* Assignment:
Among the entries below, find every line that contains the string "name", then copy it.

(Stored data entries)
- Opening Delimiter -

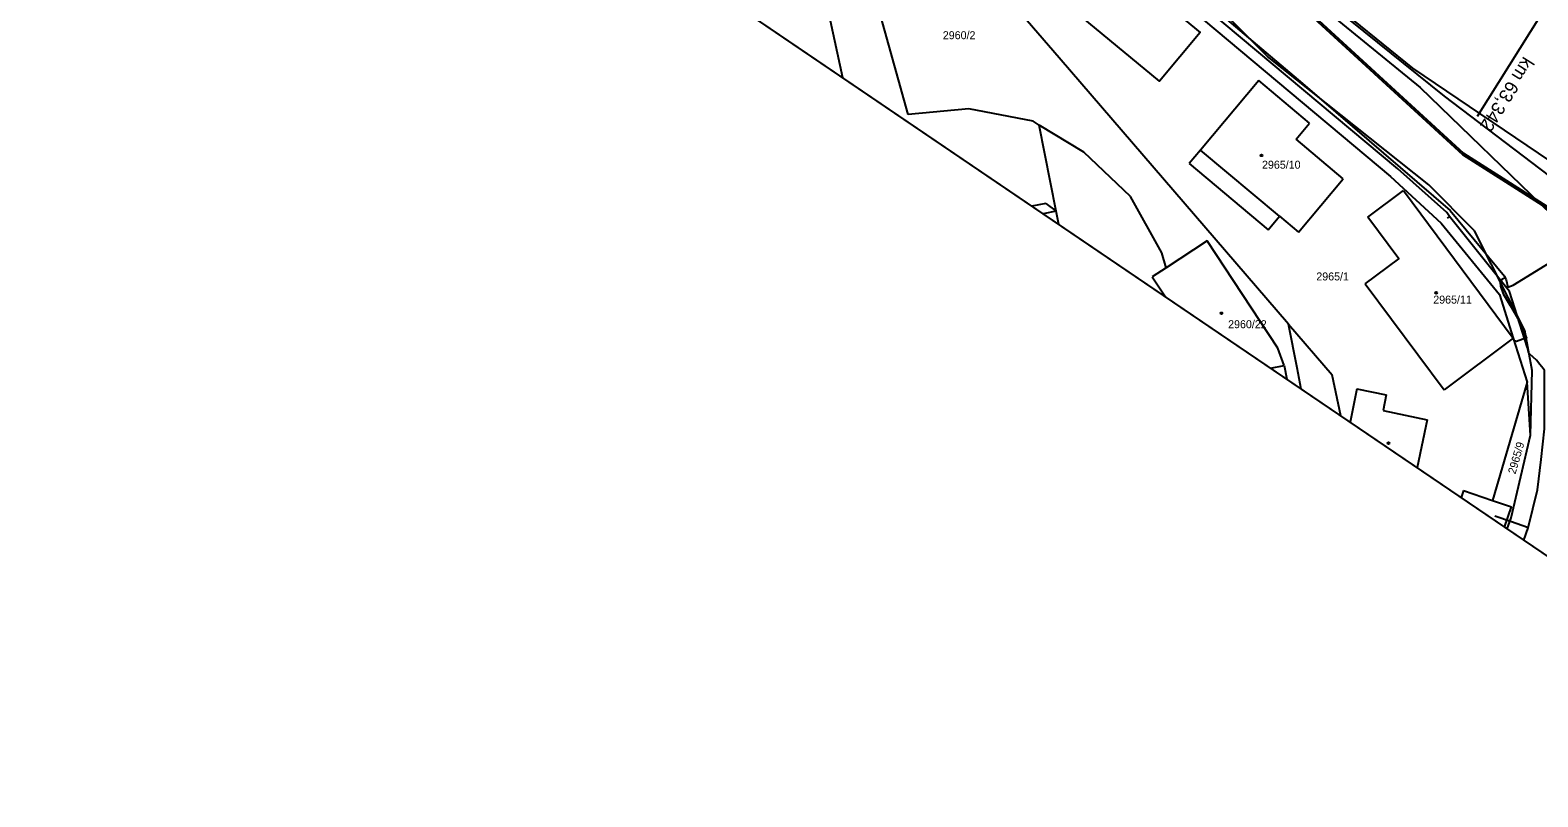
# Model space of a CAD drawing. Extents: x -621145 to -620110, y -1122807 to -1121971.
# Drawn here: x -620628.4 to -620344.9, y -1122806.7 to -1122662.4 of the extents above; entities that cross this region are included whole.
import ezdxf

# ---------------------------------------------------------------- set-up
doc = ezdxf.new("R2010")
doc.units = 0
for name, color, linetype in [('CETIN', 7, 'Continuous'), ('GasNet', 7, 'Continuous'), ('RÁMY', 7, 'Continuous'), ('SSZT-DK', 7, 'Continuous'), ('VAS vodovod', 7, 'Continuous'), ('Vrstva 55', 7, 'Continuous'), ('Vrstva 56', 7, 'Continuous'), ('Vrstva 57', 7, 'Continuous'), ('Vrstva 6', 7, 'Continuous'), ('ČD-T', 7, 'Continuous')]:
    doc.layers.add(name, color=color, linetype=linetype)

msp = doc.modelspace()

# ---------------------------------------------------------------- linework, layer by layer
at = {"layer": 'CETIN'}
msp.add_lwpolyline([(-620402.98, -1122642.16), (-620362.48, -1122674.84), (-620281.95, -1122736.09)], dxfattribs=at)
at = {"layer": 'GasNet'}
for points in [[(-620545.62, -1122586.36), (-620544.33, -1122585.86), (-620529.1, -1122581.91), (-620527.88, -1122581.68), (-620501.79, -1122593.01), (-620500.52, -1122592.53), (-620484.13, -1122585.56), (-620478.57, -1122583.14), (-620474.2, -1122586.82), (-620449.91, -1122606.86), (-620450.02, -1122607.5), (-620458.5, -1122620.02), (-620458.8, -1122620.62), (-620432.06, -1122640.49), (-620425.64, -1122643.91), (-620417.98, -1122647.99), (-620389.11, -1122672.47), (-620361.34, -1122696.38), (-620351.16, -1122708.72), (-620351, -1122709.02), (-620350.83, -1122709.39), (-620350.53, -1122710.79), (-620349.5, -1122710.44), (-620336.68, -1122702.48)], [(-620351, -1122709.02), (-620351.62, -1122709.36), (-620351.95, -1122709.89), (-620351.89, -1122710.61), (-620351.38, -1122712.06), (-620350.09, -1122714.22), (-620348.14, -1122717.64), (-620346.99, -1122720.36), (-620347.15, -1122720.39), (-620347.67, -1122720.57), (-620348.9, -1122720.99), (-620349.23, -1122720.89), (-620349.32, -1122720.93)]]:
    msp.add_lwpolyline(points, dxfattribs=at)
at = {"layer": 'RÁMY'}
for points in [[(-621061.56, -1122093.92), (-620192.94, -1122683.83), (-620276.37, -1122806.68), (-621144.99, -1122216.77)], [(-620887.83, -1122211.9), (-620192.94, -1122683.83), (-620276.37, -1122806.68), (-620971.26, -1122334.75)]]:
    msp.add_lwpolyline(points, close=True, dxfattribs=at)
at = {"layer": 'SSZT-DK'}
msp.add_lwpolyline([(-620927.29, -1122269.99), (-620900.27, -1122286.47), (-620889.15, -1122293.45), (-620783.74, -1122358.82), (-620712.75, -1122398.18), (-620653.12, -1122435.23), (-620617.36, -1122456.74), (-620574.42, -1122482.6), (-620528.16, -1122511.11), (-620496.31, -1122530.83), (-620515.02, -1122558.81), (-620500.38, -1122568.61), (-620465.39, -1122591.45), (-620452.16, -1122605.02), (-620438.23, -1122615.5), (-620392.31, -1122655.21), (-620359.04, -1122685.8), (-620308.77, -1122717.8), (-620291.41, -1122732.21), (-620277.2, -1122744.11), (-620257.61, -1122720.05), (-620250.25, -1122710.72), (-620233.29, -1122724.26), (-620225.35, -1122731.56)], dxfattribs=at)
at = {"layer": 'VAS vodovod'}
for points in [[(-620346.78, -1122722.2), (-620350.17, -1122711.62), (-620361.5, -1122697.5), (-620361.99, -1122696.76), (-620371.19, -1122688.51), (-620418.43, -1122648.88), (-620439.22, -1122636.74), (-620439.29, -1122636.69), (-620439.37, -1122636.64), (-620460.46, -1122621.06), (-620460.7, -1122620.9), (-620459.95, -1122619.77), (-620451.51, -1122607.79), (-620450.89, -1122606.96), (-620476.53, -1122586.08), (-620476.53, -1122586.08), (-620476.87, -1122585.61)], [(-620361.87, -1122697.82), (-620361.59, -1122697.59), (-620361.5, -1122697.5)], [(-620347.51, -1122758.36), (-620346.67, -1122756.05), (-620345.79, -1122752.48), (-620344.9, -1122748.91), (-620344.25, -1122743.18), (-620343.6, -1122737.45), (-620343.6, -1122731.96), (-620343.61, -1122726.46), (-620343.74, -1122726.27), (-620343.87, -1122726.08), (-620344.48, -1122725.31), (-620345.09, -1122724.54), (-620345.76, -1122723.95), (-620346.43, -1122723.35), (-620346.44, -1122723.33), (-620346.48, -1122723.26), (-620346.53, -1122723.17), (-620346.66, -1122722.69), (-620346.78, -1122722.2)], [(-620346.67, -1122756.05), (-620346.82, -1122756), (-620349.82, -1122754.95), (-620352.97, -1122753.85)]]:
    msp.add_lwpolyline(points, dxfattribs=at)
at = {"layer": 'Vrstva 55'}
for p, q in [((-620466.94, -1122589.51), (-620368.46, -1122669.58)), ((-620463.28, -1122678.3), (-620478.32, -1122624.38)), ((-620434.88, -1122667.63), (-620473.14, -1122623.15)), ((-620475.57, -1122671.39), (-620485.31, -1122626.04)), ((-620420.38, -1122629.64), (-620366.98, -1122673.23)), ((-620395.68, -1122667.41), (-620404.9, -1122658.18)), ((-620391.77, -1122717.74), (-620434.88, -1122667.63)), ((-620365.35, -1122691.52), (-620395.68, -1122667.41)), ((-620368.46, -1122669.58), (-620310.57, -1122708.76)), ((-620397.34, -1122671.88), (-620408.32, -1122685)), ((-620387.77, -1122679.92), (-620397.34, -1122671.88)), ((-620366.98, -1122673.23), (-620342.37, -1122697.07)), ((-620451.85, -1122677.25), (-620463.28, -1122678.3)), ((-620439.78, -1122679.56), (-620451.85, -1122677.25)), ((-620438.61, -1122680.28), (-620439.78, -1122679.56)), ((-620435.41, -1122696.52), (-620438.61, -1122680.28)), ((-620430.21, -1122685.42), (-620438.61, -1122680.28)), ((-620390.32, -1122682.97), (-620387.77, -1122679.92)), ((-620381.44, -1122690.4), (-620390.32, -1122682.97)), ((-620421.46, -1122693.76), (-620430.21, -1122685.42)), ((-620408.32, -1122685), (-620410.45, -1122687.55)), ((-620410.45, -1122687.55), (-620395.56, -1122700.01)), ((-620389.88, -1122700.43), (-620381.44, -1122690.4)), ((-620376.85, -1122697.59), (-620370.13, -1122692.59)), ((-620370.13, -1122692.59), (-620349.5, -1122720.4)), ((-620356.78, -1122700.2), (-620365.35, -1122691.52)), ((-620415.57, -1122704.35), (-620421.46, -1122693.76)), ((-620435.41, -1122696.52), (-620437.86, -1122697)), ((-620434.92, -1122699), (-620435.41, -1122696.52)), ((-620395.56, -1122700.01), (-620393.43, -1122697.46)), ((-620393.43, -1122697.46), (-620389.88, -1122700.43)), ((-620347.29, -1122718.92), (-620356.78, -1122700.2)), ((-620414.76, -1122707.13), (-620415.57, -1122704.35)), ((-620407.04, -1122702.06), (-620414.76, -1122707.13)), ((-620393.75, -1122722.26), (-620407.04, -1122702.06)), ((-620414.76, -1122707.13), (-620417.37, -1122708.84)), ((-620417.37, -1122708.84), (-620414.89, -1122712.61)), ((-620377.36, -1122710.19), (-620362.45, -1122730.09)), ((-620391.77, -1122717.74), (-620383.57, -1122727.26)), ((-620390.13, -1122725.98), (-620391.77, -1122717.74)), ((-620345.94, -1122726.44), (-620347.29, -1122718.92)), ((-620349.5, -1122720.4), (-620362.45, -1122730.09)), ((-620349.5, -1122720.4), (-620346.9, -1122728.66)), ((-620392.56, -1122725.51), (-620393.75, -1122722.26)), ((-620395.15, -1122726.01), (-620392.56, -1122725.51)), ((-620392.56, -1122725.51), (-620392.06, -1122728.11)), ((-620389.35, -1122729.95), (-620390.13, -1122725.98)), ((-620381.9, -1122735.01), (-620383.57, -1122727.26)), ((-620346.26, -1122738.61), (-620345.94, -1122726.44)), ((-620378.87, -1122729.94), (-620380.18, -1122736.18)), ((-620378.87, -1122729.94), (-620373.38, -1122731.07)), ((-620346.9, -1122728.66), (-620353.41, -1122750.9)), ((-620346.26, -1122738.61), (-620346.9, -1122728.66)), ((-620373.38, -1122731.07), (-620373.97, -1122734.01)), ((-620373.97, -1122734.01), (-620365.7, -1122735.74)), ((-620365.7, -1122735.74), (-620367.58, -1122744.74)), ((-620349.91, -1122754.18), (-620346.26, -1122738.61)), ((-620358.86, -1122749.03), (-620359.31, -1122750.35)), ((-620358.86, -1122749.03), (-620353.41, -1122750.9)), ((-620353.41, -1122750.9), (-620349.8, -1122752.13)), ((-620351.12, -1122755.91), (-620349.8, -1122752.13)), ((-620350.63, -1122756.24), (-620349.91, -1122754.18))]:
    msp.add_line(p, q, dxfattribs=at)
for points in [[(-620432.38, -1122643.03), (-620419.73, -1122650.41), (-620372.55, -1122689.97), (-620363.06, -1122698.75), (-620352.08, -1122712.18), (-620349.5, -1122720.4)], [(-620434.7, -1122656.53), (-620427.07, -1122647.39), (-620408.37, -1122662.86), (-620416.01, -1122672.06), (-620434.7, -1122656.53)], [(-620377.36, -1122710.19), (-620370.99, -1122705.44), (-620376.85, -1122697.59)]]:
    msp.add_lwpolyline(points, dxfattribs=at)
at = {"layer": 'Vrstva 56'}
for p, q in [((-620393.43, -1122697.46), (-620408.32, -1122685)), ((-620437.36, -1122695.04), (-620439.99, -1122695.56)), ((-620437.36, -1122695.04), (-620435.41, -1122696.52))]:
    msp.add_line(p, q, dxfattribs=at)
at = {"layer": 'Vrstva 57'}
for centre in [(-620396.83, -1122685.99), (-620363.99, -1122711.85), (-620404.37, -1122715.7), (-620372.96, -1122740.15)]:
    msp.add_circle(centre, 0.175, dxfattribs=at)
at = {"layer": 'Vrstva 6'}
msp.add_line((-620344.27, -1122659.46), (-620356.26, -1122678.68), dxfattribs=at)
at = {"layer": 'ČD-T'}
msp.add_lwpolyline([(-620927.12, -1122269.75), (-620900.08, -1122286.23), (-620888.96, -1122293.22), (-620783.56, -1122358.58), (-620712.56, -1122397.94), (-620652.93, -1122435), (-620617.18, -1122456.5), (-620574.24, -1122482.37), (-620527.97, -1122510.87), (-620481.08, -1122540.08), (-620497, -1122565.38), (-620499.27, -1122568.98), (-620465.21, -1122591.22), (-620451.97, -1122604.79), (-620438.05, -1122615.26), (-620392.12, -1122654.98), (-620358.85, -1122685.56), (-620308.58, -1122717.56), (-620291.22, -1122731.97), (-620279.98, -1122741.46), (-620260.48, -1122717.47), (-620252.94, -1122708.19), (-620233.1, -1122724.03), (-620225.18, -1122731.31)], dxfattribs=at)

# ---------------------------------------------------------------- texts
at = {"layer": 'Vrstva 57'}
for s, p in [('2960/2', (-620456.75, -1122664.14)), ('2965/10', (-620396.73, -1122688.5)), ('2965/1', (-620386.52, -1122709.52)), ('2965/11', (-620364.53, -1122713.88)), ('2960/22', (-620403.1, -1122718.51))]:
    msp.add_text(s, height=1.5, dxfattribs=at).set_placement(p)
msp.add_text('2965/9', height=1.5, rotation=73.8221, dxfattribs=at).set_placement((-620349.08, -1122746.06))
at = {"layer": 'Vrstva 6'}
msp.add_text('km 63,342', height=2.5, rotation=237.7824, dxfattribs=at).set_placement((-620347.53, -1122667.24))

doc.saveas('drawing.dxf')

- Closing Delimiter -

* Task answer:
for name, color, linetype in [('CETIN', 7, 'Continuous'), ('GasNet', 7, 'Continuous'), ('RÁMY', 7, 'Continuous'), ('SSZT-DK', 7, 'Continuous'), ('VAS vodovod', 7, 'Continuous'), ('Vrstva 55', 7, 'Continuous'), ('Vrstva 56', 7, 'Continuous'), ('Vrstva 57', 7, 'Continuous'), ('Vrstva 6', 7, 'Continuous'), ('ČD-T', 7, 'Continuous')]:
    doc.layers.add(name, color=color, linetype=linetype)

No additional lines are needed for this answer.